Consensus ou stratégie individuelle ?

Les sociologues ne s’accordent pas sur l’origine exacte de ce silence. Pour certains, il s’agit d’une simple prudence pour éviter l’exclusion. D’autres y voient une stratégie : protéger son image peut permettre de mieux négocier sa place plus tard. Enfin, certains chercheurs soulignent que cette hésitation n’a rien d’universel : elle varie selon les cultures, les âges et les types de groupe. Il n’existe pas de règle absolue.

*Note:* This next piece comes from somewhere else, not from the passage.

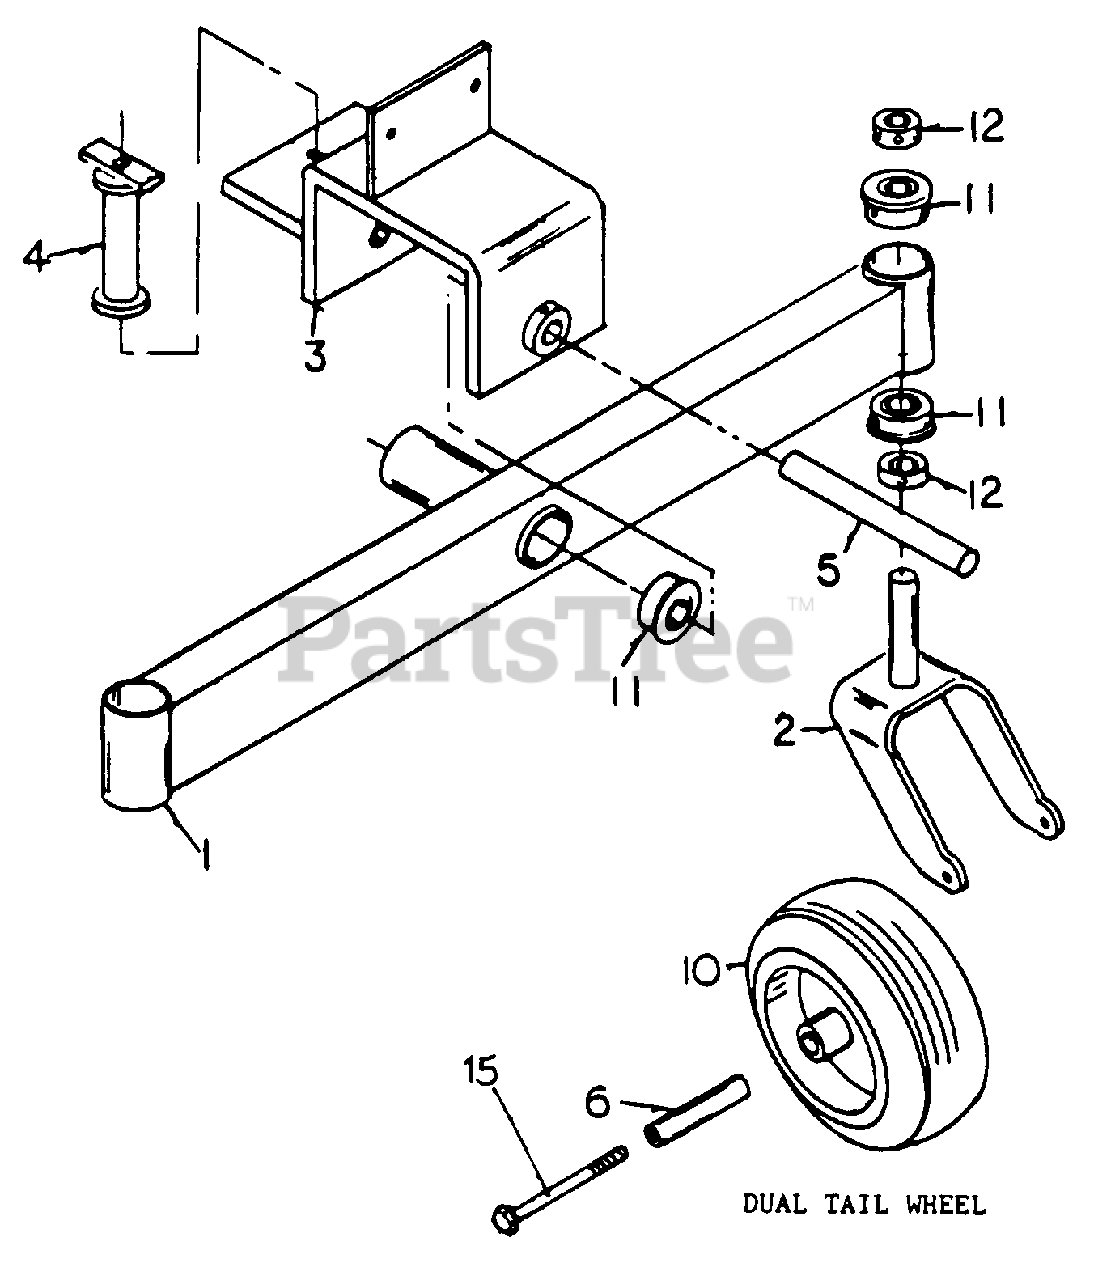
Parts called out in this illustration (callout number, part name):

Avouer son incompréhension, c’est risquer le jugement du groupe — même si ce malaise silencieux est souvent partagé par plusieurs.

Pour aller plus loin

  • Solomon Asch, "Opinions and Social Pressure" (Scientific American, 1955) — Ses expériences illustrent comment la pression du groupe pousse à taire ses doutes, même face à l’évidence. (haute)
  • Howard S. Becker, "Outsiders" (1963, Free Press) — Sa notion d’outsider éclaire le risque de perdre son statut d’initié en admettant son incompréhension. (haute)
  • Nathalie Heinich, "La fabrique du patrimoine" (Éditions de la MSH, 2009) — Montre comment le non-dit institutionnel renforce la difficulté d’exprimer l’incompréhension. (haute)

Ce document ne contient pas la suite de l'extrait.